Preliminary Results of Paraclinoid Aneurysm Clipping With Indocyanine Green-Video Angiography: A Single-Center Experience in Vietnam.

作者信息

Nguyen Anh Minh, Do Hai Hong, Trung Nghia Huynh, Bui Dung Hoang Tuan

机构信息

Faculty of Medicine, University of Medicine and Pharmacy at Ho Chi Minh City, Ho Chi Minh City, Vietnam; Department of Neurosurgery, University Medical Center, Ho Chi Minh City, Vietnam.

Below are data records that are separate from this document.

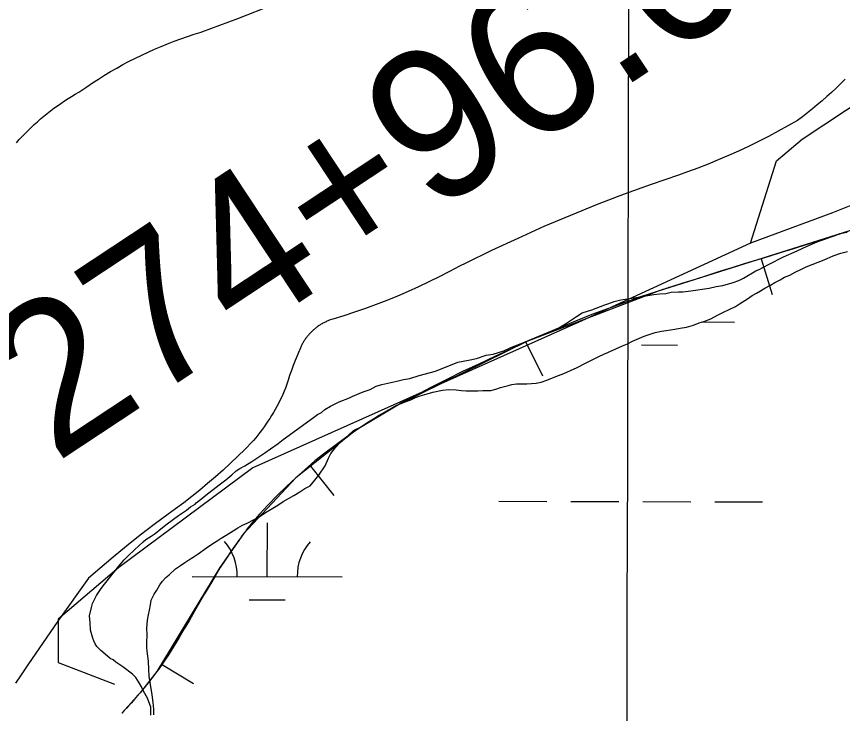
# Model space of a CAD drawing. Extents: x 3180038 to 3217926, y 922069 to 947485.
# Drawn here: x 3191717 to 3192269, y 940170 to 940636 of the extents above; entities that cross this region are included whole.
import ezdxf

# ---------------------------------------------------------------- set-up
doc = ezdxf.new("R2010")
doc.units = 0
for name, color, linetype in [('V-BORW-LINE', 7, 'Continuous'), ('V-GRID-MAJR', 7, 'Continuous'), ('V-LEVE-TOET', 7, 'Continuous'), ('V-SITE-VEGE', 7, 'Continuous'), ('V-SURV-IDEN', 7, 'Continuous'), ('V-TOPO-SHOR', 7, 'Continuous'), ('V-WETL-SWMP', 7, 'Continuous')]:
    doc.layers.add(name, color=color, linetype=linetype)

msp = doc.modelspace()

# ---------------------------------------------------------------- linework, layer by layer
at = {"layer": 'V-BORW-LINE'}
for p, q in [((3192268.820521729, 940490.8111671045), (3192260.6438822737, 940488.1803865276)), ((3192252.4534792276, 940485.5940974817), (3192244.2622889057, 940483.0102772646)), ((3192260.6438822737, 940488.1803865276), (3192252.4534792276, 940485.5940974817)), ((3192236.055788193, 940480.4779900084), (3192227.849287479, 940477.9457027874)), ((3192244.2622889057, 940483.0102772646), (3192236.055788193, 940480.4779900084)), ((3192219.6430573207, 940475.4125485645), (3192211.4368575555, 940472.8792958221)), ((3192214.44, 940473.823), (3192221.935, 940449.973)), ((3192227.849287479, 940477.9457027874), (3192219.6430573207, 940475.4125485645)), ((3192203.2287340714, 940470.321472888), (3192195.0208547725, 940467.762870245)), ((3192211.4368575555, 940472.8792958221), (3192203.2287340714, 940470.321472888)), ((3192186.813875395, 940465.2013804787), (3192178.6068960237, 940462.6398904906)), ((3192195.0208547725, 940467.762870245), (3192186.813875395, 940465.2013804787)), ((3192162.2115653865, 940457.451396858), (3192154.018548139, 940454.8417705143)), ((3192170.4091713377, 940460.0458292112), (3192162.2115653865, 940457.451396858)), ((3192178.6068960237, 940462.6398904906), (3192170.4091713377, 940460.0458292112)), ((3192134.6809716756, 940448.5223158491), (3192123.589694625, 940444.6547483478)), ((3192123.589694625, 940444.6547483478), (3192112.565449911, 940440.5969276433)), ((3192101.561807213, 940436.4810257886), (3192090.6874644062, 940432.0362661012)), ((3192112.565449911, 940440.5969276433), (3192101.561807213, 940436.4810257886)), ((3192090.6874644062, 940432.0362661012), (3192079.813130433, 940427.5913724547)), ((3192079.813130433, 940427.5913724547), (3192068.970829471, 940423.0680193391)), ((3192068.970829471, 940423.0680193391), (3192058.163237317, 940418.461972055)), ((3192047.4110342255, 940413.5263805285), (3192036.6812478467, 940408.5420478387)), ((3192058.163237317, 940418.461972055), (3192047.4110342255, 940413.5263805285)), ((3192057.5100000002, 940418.142), (3192068.511, 940395.693)), ((3192036.6812478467, 940408.5420478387), (3192025.9778796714, 940403.4994467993)), ((3192025.9778796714, 940403.4994467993), (3192015.2745178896, 940398.4567870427)), ((3192015.2745178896, 940398.4567870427), (3192004.6839474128, 940393.1418965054)), ((3192004.6839474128, 940393.1418965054), (3191994.101749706, 940387.8106703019)), ((3191994.101749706, 940387.8106703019), (3191983.5814322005, 940382.351304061)), ((3191965.682967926, 940372.5964601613), (3191958.341999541, 940368.2467774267)), ((3191951.1187983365, 940363.7007917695), (3191943.915579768, 940359.1200355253)), ((3191958.341999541, 940368.2467774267), (3191951.1187983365, 940363.7007917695)), ((3191943.915579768, 940359.1200355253), (3191937.0208691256, 940354.1080459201)), ((3191937.0208691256, 940354.1080459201), (3191930.126236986, 940349.0958429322)), ((3191930.126236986, 940349.0958429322), (3191923.3095093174, 940343.9784867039)), ((3191923.3095093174, 940343.9784867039), (3191916.574024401, 940338.7538963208)), ((3191916.574024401, 940338.7538963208), (3191910.1724237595, 940333.1257891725)), ((3191910.1724237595, 940333.1257891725), (3191903.8501549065, 940327.4072615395)), ((3191913.663, 940335.345), (3191929.167, 940315.733)), ((3191903.8501549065, 940327.4072615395), (3191897.606599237, 940321.5997172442)), ((3191897.606599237, 940321.5997172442), (3191891.3631591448, 940315.7920394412)), ((3191891.3631591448, 940315.7920394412), (3191885.516829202, 940309.5539497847)), ((3191885.516829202, 940309.5539497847), (3191879.72742935, 940303.265961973)), ((3191879.72742935, 940303.265961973), (3191874.19719851, 940296.7466166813)), ((3191864.901955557, 940284.5122433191), (3191861.0009225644, 940278.9209094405)), ((3191861.0009225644, 940278.9209094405), (3191857.2324647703, 940273.2445313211)), ((3191857.2324647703, 940273.2445313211), (3191853.4762433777, 940267.5595499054)), ((3191853.4762433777, 940267.5595499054), (3191849.9762460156, 940261.7382616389)), ((3191849.9762460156, 940261.7382616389), (3191846.476293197, 940255.9169631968)), ((3191846.476293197, 940255.9169631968), (3191843.015873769, 940250.0727017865)), ((3191843.015873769, 940250.0727017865), (3191839.585514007, 940244.2107082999)), ((3191839.585514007, 940244.2107082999), (3191836.2311053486, 940238.3422663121)), ((3191836.2311053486, 940238.3422663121), (3191832.8500666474, 940232.4889275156)), ((3191832.8500666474, 940232.4889275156), (3191829.443433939, 940226.6499713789)), ((3191829.443433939, 940226.6499713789), (3191826.0367845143, 940220.8110187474)), ((3191826.0367845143, 940220.8110187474), (3191822.4708125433, 940215.063293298)), ((3191822.4708125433, 940215.063293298), (3191818.85988444, 940209.3432720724)), ((3191818.85988444, 940209.3432720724), (3191815.1118891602, 940203.709452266)), ((3191814.185, 940203.066), (3191835.574, 940190.122)), ((3191807.126128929, 940192.7542372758), (3191805.734865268, 940190.9684600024)), ((3191808.5159463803, 940194.5410319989), (3191807.126128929, 940192.7542372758)), ((3191809.8793638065, 940196.3485490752), (3191808.5159463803, 940194.5410319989)), ((3191802.859953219, 940187.4762484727), (3191801.417482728, 940185.7342761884)), ((3191804.2974096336, 940189.2223540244), (3191802.859953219, 940187.4762484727)), ((3191805.734865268, 940190.9684600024), (3191804.2974096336, 940189.2223540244)), ((3191798.472300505, 940182.2694065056), (3191796.9681762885, 940180.5479786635)), ((3191799.9710714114, 940183.995557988), (3191798.472300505, 940182.2694065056)), ((3191801.417482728, 940185.7342761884), (3191799.9710714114, 940183.995557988)), ((3191793.945374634, 940177.1179127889), (3191792.401669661, 940175.4235027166)), ((3191795.4567763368, 940178.8329451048), (3191793.945374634, 940177.1179127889)), ((3191796.9681762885, 940180.5479786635), (3191795.4567763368, 940178.8329451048)), ((3191789.3093901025, 940172.036680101), (3191787.759, 940170.345)), ((3191790.8579608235, 940173.7290958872), (3191789.3093901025, 940172.036680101)), ((3191792.401669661, 940175.4235027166), (3191790.8579608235, 940173.7290958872))]:
    msp.add_line(p, q, dxfattribs=at)
for points in [[(3192276.985, 940493.48), (3192211.437, 940472.8790000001)], [(3192211.437, 940472.8790000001), (3192145.829, 940452.221)], [(3192145.829, 940452.221), (3192058.163, 940418.462)], [(3192058.163, 940418.462), (3191973.117, 940376.783)], [(3191973.117, 940376.783), (3191943.778, 940359.152)], [(3191943.778, 940359.152), (3191903.799, 940327.546)], [(3191903.799, 940327.546), (3191868.909, 940290.03)], [(3191868.909, 940290.03), (3191853.265, 940267.645)], [(3191853.265, 940267.645), (3191811.223, 940198.171)], [(3191811.223, 940198.171), (3191799.971, 940183.996)], [(3191799.971, 940183.996), (3191787.759, 940170.345)]]:
    msp.add_lwpolyline(points, dxfattribs=at)
for points in [[(3192154.018548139, 940454.8417705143), (3192145.829, 940452.221), (3192134.6809716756, 940448.5223158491)], [(3191983.5814322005, 940382.351304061), (3191973.117, 940376.783), (3191965.682967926, 940372.5964601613)], [(3191874.19719851, 940296.7466166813), (3191868.909, 940290.03), (3191864.901955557, 940284.5122433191)], [(3191815.1118891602, 940203.709452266), (3191811.223, 940198.171), (3191809.8793638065, 940196.3485490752)]]:
    msp.add_spline(points, degree=3, dxfattribs=at)
at = {"layer": 'V-GRID-MAJR'}
msp.add_spline([(3192093.673, 927501.081), (3192108.659, 933561.54), (3192123.65, 939624.61), (3192138.642, 945687.729), (3192138.648, 945690.29)], degree=3, dxfattribs=at)
at = {"layer": 'V-LEVE-TOET'}
for points in [[(3191865.157000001, 940634.2729999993), (3191889.038000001, 940643.6569999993)], [(3191717.352000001, 940551.2679999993), (3191719.255000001, 940553.3809999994), (3191721.194000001, 940555.4599999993), (3191723.169000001, 940557.5059999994), (3191725.180000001, 940559.5149999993), (3191727.224000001, 940561.4889999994), (3191729.302000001, 940563.4289999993), (3191731.416000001, 940565.3309999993), (3191733.560000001, 940567.1949999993), (3191735.739000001, 940569.0239999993), (3191737.947000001, 940570.8119999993), (3191740.188000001, 940572.5629999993), (3191742.459000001, 940574.2729999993), (3191744.757000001, 940575.9439999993), (3191747.087000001, 940577.5739999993), (3191749.443000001, 940579.1629999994), (3191751.826000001, 940580.7119999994), (3191754.237000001, 940582.2189999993), (3191756.674000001, 940583.6829999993), (3191759.136000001, 940585.1049999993), (3191760.489000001, 940585.8629999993), (3191760.489000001, 940585.8629999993), (3191764.348000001, 940588.5759999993), (3191768.255000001, 940591.2239999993), (3191772.206000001, 940593.8029999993), (3191776.202000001, 940596.3109999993), (3191780.240000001, 940598.7509999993), (3191784.320000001, 940601.1179999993), (3191788.443000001, 940603.4139999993), (3191792.604000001, 940605.6379999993), (3191796.8030000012, 940607.7899999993), (3191801.038000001, 940609.8669999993), (3191805.310000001, 940611.8699999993), (3191809.615000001, 940613.7989999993), (3191813.955000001, 940615.6529999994), (3191818.325000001, 940617.4299999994), (3191822.726000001, 940619.1299999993), (3191827.156000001, 940620.7539999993), (3191831.614000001, 940622.3009999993), (3191836.097000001, 940623.7669999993), (3191840.6070000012, 940625.1569999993), (3191841.115000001, 940625.3089999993), (3191841.115000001, 940625.3089999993), (3191865.157000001, 940634.2729999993)], [(3192270.718000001, 940593.7579999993), (3192267.720000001, 940590.7589999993), (3192264.672000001, 940587.8099999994), (3192261.576000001, 940584.9119999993), (3192258.432000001, 940582.0659999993), (3192255.241000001, 940579.2699999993), (3192252.003000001, 940576.5279999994), (3192248.720000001, 940573.8409999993), (3192245.3940000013, 940571.2069999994), (3192242.025000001, 940568.6289999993), (3192238.708000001, 940566.1769999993), (3192238.708000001, 940566.1769999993), (3192232.320000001, 940562.4799999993), (3192225.867000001, 940558.8919999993), (3192219.354000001, 940555.4189999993), (3192212.782000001, 940552.0559999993), (3192206.153000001, 940548.8059999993), (3192199.468000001, 940545.6729999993), (3192192.730000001, 940542.6519999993), (3192185.939000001, 940539.7499999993), (3192179.101000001, 940536.9639999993), (3192172.217000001, 940534.2979999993), (3192165.287000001, 940531.7479999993), (3192159.294000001, 940529.6529999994), (3192159.294000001, 940529.6529999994), (3192141.114000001, 940523.3989999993), (3192123.045000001, 940516.8289999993), (3192105.094000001, 940509.9429999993), (3192087.266000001, 940502.7439999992), (3192069.565000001, 940495.2359999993), (3192052.000000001, 940487.4209999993), (3192034.571000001, 940479.3009999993), (3192017.288000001, 940470.8779999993), (3192013.133000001, 940468.7969999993), (3192013.133000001, 940468.7969999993), (3192006.391000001, 940465.1799999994), (3191999.587000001, 940461.6819999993), (3191992.724000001, 940458.3049999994), (3191985.804000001, 940455.0469999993), (3191978.827000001, 940451.9089999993), (3191971.796000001, 940448.8939999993), (3191964.714000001, 940446.0029999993), (3191957.583000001, 940443.2339999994), (3191950.405000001, 940440.5899999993), (3191943.181000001, 940438.0729999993), (3191935.915000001, 940435.6809999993), (3191928.608000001, 940433.4179999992), (3191926.869000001, 940432.8969999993), (3191926.869000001, 940432.8969999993), (3191926.308000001, 940432.6929999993), (3191925.751000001, 940432.4779999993), (3191925.196000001, 940432.2519999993), (3191924.647000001, 940432.0169999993), (3191924.102000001, 940431.7729999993), (3191923.561000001, 940431.5189999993), (3191923.025000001, 940431.2549999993), (3191922.492000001, 940430.9829999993), (3191921.964000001, 940430.7019999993), (3191921.444000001, 940430.4089999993), (3191920.926000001, 940430.1099999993), (3191920.414000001, 940429.8009999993), (3191919.908000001, 940429.4829999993), (3191919.408000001, 940429.1559999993), (3191918.912000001, 940428.8219999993), (3191918.425000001, 940428.4779999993), (3191917.942000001, 940428.1259999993), (3191917.4650000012, 940427.7629999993), (3191916.996000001, 940427.3939999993), (3191916.531000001, 940427.0179999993), (3191916.074000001, 940426.6329999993), (3191915.623000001, 940426.2389999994), (3191915.181000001, 940425.8379999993), (3191914.745000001, 940425.4299999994)], [(3191914.745000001, 940425.4299999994), (3191914.317000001, 940425.0129999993), (3191913.895000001, 940424.5909999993), (3191913.479000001, 940424.1589999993), (3191913.074000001, 940423.7199999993), (3191912.674000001, 940423.2759999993), (3191912.283000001, 940422.8229999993), (3191911.900000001, 940422.3649999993), (3191911.525000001, 940421.8999999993), (3191911.159000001, 940421.4289999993), (3191910.800000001, 940420.9489999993), (3191910.450000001, 940420.4659999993), (3191910.108000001, 940419.9749999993), (3191909.774000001, 940419.4789999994), (3191909.451000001, 940418.9769999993), (3191909.135000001, 940418.4689999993), (3191908.828000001, 940417.9569999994), (3191908.531000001, 940417.4389999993), (3191908.242000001, 940416.9149999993), (3191907.962000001, 940416.3859999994), (3191907.691000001, 940415.8539999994), (3191907.431000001, 940415.3149999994), (3191907.179000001, 940414.7729999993), (3191906.938000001, 940414.2259999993), (3191906.706000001, 940413.6769999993), (3191906.483000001, 940413.1219999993), (3191906.270000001, 940412.5629999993), (3191906.139000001, 940412.2039999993), (3191906.139000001, 940412.2039999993), (3191904.757000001, 940408.9949999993), (3191903.4280000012, 940405.7629999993), (3191902.158000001, 940402.5069999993), (3191900.943000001, 940399.2299999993), (3191899.7860000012, 940395.9329999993), (3191898.686000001, 940392.6149999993), (3191897.646000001, 940389.2789999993), (3191897.093000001, 940387.4219999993), (3191897.093000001, 940387.4219999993), (3191896.196000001, 940385.3199999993), (3191895.262000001, 940383.2349999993), (3191894.291000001, 940381.1649999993), (3191893.2860000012, 940379.1129999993), (3191892.245000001, 940377.0789999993), (3191891.168000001, 940375.0639999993), (3191890.056000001, 940373.0669999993), (3191888.909000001, 940371.0909999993), (3191887.730000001, 940369.1329999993), (3191886.515000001, 940367.1979999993), (3191885.266000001, 940365.2829999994), (3191883.986000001, 940363.3899999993), (3191882.671000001, 940361.5229999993), (3191881.326000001, 940359.6749999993), (3191879.947000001, 940357.8529999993), (3191878.538000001, 940356.0539999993), (3191877.096000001, 940354.2809999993), (3191875.626000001, 940352.5319999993), (3191874.819000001, 940351.5999999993), (3191874.819000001, 940351.5999999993), (3191870.062000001, 940346.7279999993), (3191865.220000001, 940341.9379999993), (3191860.297000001, 940337.2289999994), (3191855.293000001, 940332.6089999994), (3191850.210000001, 940328.0749999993), (3191845.051000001, 940323.6279999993), (3191839.815000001, 940319.2699999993), (3191834.504000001, 940315.0039999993), (3191829.122000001, 940310.8299999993), (3191823.668000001, 940306.7489999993), (3191818.739000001, 940303.1829999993), (3191818.739000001, 940303.1829999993), (3191809.344000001, 940296.2689999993), (3191800.073000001, 940289.1929999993), (3191790.927000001, 940281.9559999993), (3191781.907000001, 940274.5599999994), (3191773.0190000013, 940267.0069999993), (3191765.558000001, 940260.4599999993), (3191765.558000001, 940260.4599999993), (3191745.086000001, 940231.7039999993), (3191725.039000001, 940202.6689999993), (3191720.496000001, 940195.9619999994), (3191720.496000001, 940195.9619999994), (3191716.814000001, 940190.3319999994)]]:
    msp.add_lwpolyline(points, dxfattribs=at)
at = {"layer": 'V-SITE-VEGE'}
for points in [[(3191904.245000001, 940359.5379999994), (3191915.697000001, 940367.8019999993), (3191918.370000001, 940369.6799999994), (3191921.038000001, 940371.1769999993), (3191923.334000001, 940373.0569999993), (3191927.145000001, 940375.3059999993), (3191932.863000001, 940378.2979999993), (3191939.716000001, 940380.9029999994), (3191942.004000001, 940382.0229999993), (3191948.860000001, 940385.0089999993), (3191953.427000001, 940386.4919999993), (3191957.622000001, 940388.7359999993), (3191961.427000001, 940389.8459999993), (3191971.313000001, 940392.0479999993), (3191975.878000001, 940393.1519999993), (3191980.060000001, 940393.8789999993), (3191986.148000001, 940395.7279999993), (3191997.181000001, 940398.6809999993), (3192012.033000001, 940404.6389999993), (3192019.258000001, 940406.1009999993), (3192024.581000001, 940407.2009999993), (3192031.0530000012, 940409.4289999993), (3192035.614000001, 940410.1519999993), (3192042.845000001, 940412.3739999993), (3192047.418000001, 940414.6169999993), (3192053.130000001, 940416.8509999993), (3192056.937000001, 940418.3399999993), (3192066.078000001, 940422.0659999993), (3192075.218000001, 940425.7909999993), (3192078.267000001, 940427.2859999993), (3192079.408000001, 940427.6569999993), (3192083.985000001, 940430.2779999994), (3192091.235000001, 940435.1579999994), (3192095.0530000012, 940437.7859999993), (3192101.520000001, 940439.6329999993), (3192110.280000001, 940442.9839999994), (3192112.182000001, 940443.7269999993), (3192116.370000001, 940445.2139999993), (3192120.933000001, 940446.3179999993), (3192132.339000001, 940448.1279999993), (3192142.9820000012, 940449.9429999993), (3192146.781000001, 940450.2929999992), (3192150.959000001, 940450.6409999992), (3192154.383000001, 940451.3739999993), (3192159.319000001, 940451.7139999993), (3192162.356000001, 940451.6919999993), (3192167.679000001, 940452.4109999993), (3192179.8400000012, 940454.2149999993), (3192184.405000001, 940455.3169999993), (3192188.966000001, 940456.0419999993), (3192195.814000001, 940457.8869999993), (3192199.622000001, 940459.3759999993), (3192202.671000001, 940460.8709999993), (3192211.062000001, 940465.7409999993), (3192213.726000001, 940466.8589999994), (3192215.635000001, 940467.9839999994), (3192219.827000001, 940470.2279999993), (3192229.356000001, 940475.0899999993), (3192238.4990000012, 940479.1969999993), (3192245.355000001, 940482.1799999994), (3192248.784000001, 940483.6709999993), (3192252.974000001, 940485.5369999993), (3192256.400000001, 940486.6489999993), (3192261.350000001, 940488.5109999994), (3192264.013000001, 940489.2479999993), (3192267.062000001, 940490.7429999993), (3192272.002000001, 940491.4639999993)], [(3191807.100000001, 940168.9489999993), (3191807.141000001, 940174.2639999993), (3191804.9110000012, 940180.3539999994), (3191802.287000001, 940184.9319999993), (3191800.792000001, 940187.9789999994), (3191799.295000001, 940190.6479999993), (3191797.044000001, 940194.0819999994), (3191794.783000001, 940196.3799999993), (3191788.369000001, 940201.3649999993), (3191786.479000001, 940202.5159999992), (3191783.837000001, 940204.4369999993), (3191781.950000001, 940205.9689999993), (3191780.056000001, 940206.7429999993), (3191776.665000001, 940209.8069999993), (3191773.646000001, 940212.1089999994), (3191771.010000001, 940214.7849999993), (3191769.884000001, 940216.6919999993), (3191769.138000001, 940218.5969999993), (3191768.395000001, 940220.5009999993), (3191766.916000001, 940225.8259999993), (3191766.576000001, 940230.7659999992), (3191766.2320000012, 940235.3229999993), (3191767.416000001, 940241.0099999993), (3191768.194000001, 940243.6599999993), (3191769.736000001, 940246.6849999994), (3191770.893000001, 940248.9539999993), (3191773.9650000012, 940253.4859999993), (3191776.265000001, 940256.5049999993), (3191781.250000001, 940262.9219999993), (3191783.167000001, 940265.1849999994), (3191785.469000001, 940268.2029999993), (3191789.301000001, 940272.7289999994), (3191791.977000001, 940275.3649999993), (3191796.186000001, 940279.5099999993), (3191801.923000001, 940284.7819999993), (3191803.831000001, 940286.2849999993), (3191807.266000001, 940288.5359999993), (3191809.938000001, 940290.4139999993), (3191813.758000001, 940293.4199999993), (3191817.960000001, 940296.8059999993), (3191825.595000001, 940302.4419999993), (3191830.937000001, 940305.8149999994), (3191833.611000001, 940308.0739999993), (3191836.665000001, 940309.9479999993), (3191837.429000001, 940310.7009999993), (3191841.248000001, 940313.7099999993), (3191843.925000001, 940315.9669999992), (3191852.709000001, 940322.7309999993), (3191857.290000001, 940326.1129999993), (3191861.114000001, 940329.4999999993), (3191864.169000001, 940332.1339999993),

Department of Neurosurgery, University Medical Center, Ho Chi Minh City, Vietnam.

出版信息

World Neurosurg. 2025 May;197:123928. doi: 10.1016/j.wneu.2025.123928. Epub 2025 Mar 24.

Abstract

BACKGROUND

There are 2 main treatments for unruptured paraclinoid aneurysms: endovascular procedures and surgical clipping. Recent advancements such as intraoperative indocyanine green video angiography (ICG-VA) are improving the safety of clipping procedure in the surgical center without intraoperative imaging. This study is a single-center experience in Vietnam to evaluate the preliminary result of a surgical series in paraclinoid aneurysms with ICG-VA.

METHODS

We performed a retrospective study of 53 unruptured paraclinoid aneurysms who underwent clipping surgery from 2019 to 2023 at the University Medical Center, Ho Chi Minh City.

RESULTS

All patients achieved good functional outcomes at 3 months follow-up with no mortality, and 60% of visual symptoms improved postoperatively. There were no statistically significant differences in neurological complications and radiological results between groups A (no ICG-VA) and B (using ICG-VA). Statistically significant differences were only observed in the rate of ischemia detected on computed tomography scan (P = 0.031). The rate of incompleted clipping was 18.9%, with the only significant factor for incompleted clipping being a larger maximal diameter (P = 0.044).

CONCLUSIONS

Surgical clipping of unruptured paraclinoid aneurysms is a safe and feasible treatment, and good neurological outcomes can be achieved. Applying ICG-VA has provided intraoperative real-time visualization and the potential to decrease complications. The incomplete clipping rate of aneurysms in this position is still a challenge to overcome and several factors can predict this important issue.

摘要

背景

未破裂的床突旁动脉瘤主要有两种治疗方法:血管内介入治疗和外科夹闭术。术中吲哚菁绿视频血管造影术(ICG-VA)等最新进展正在提高在无术中成像设备的手术中心进行夹闭手术的安全性。本研究是越南的一项单中心经验研究,旨在评估采用ICG-VA治疗床突旁动脉瘤手术系列的初步结果。

方法

我们对2019年至2023年在胡志明市大学医学中心接受夹闭手术的53例未破裂床突旁动脉瘤患者进行了回顾性研究。

结果

所有患者在3个月随访时均取得了良好的功能预后,无死亡病例,60%的视觉症状术后得到改善。A组(未使用ICG-VA)和B组(使用ICG-VA)在神经并发症和影像学结果方面无统计学显著差异。仅在计算机断层扫描检测到的缺血发生率方面观察到统计学显著差异(P = 0.031)。夹闭不全率为18.9%,夹闭不全的唯一显著因素是最大直径较大(P = 0.044)。

结论

未破裂床突旁动脉瘤的外科夹闭术是一种安全可行的治疗方法,可实现良好的神经学预后。应用ICG-VA可提供术中实时可视化,并有可能减少并发症。该部位动脉瘤的夹闭不全率仍是一个需要克服的挑战,有几个因素可以预测这一重要问题。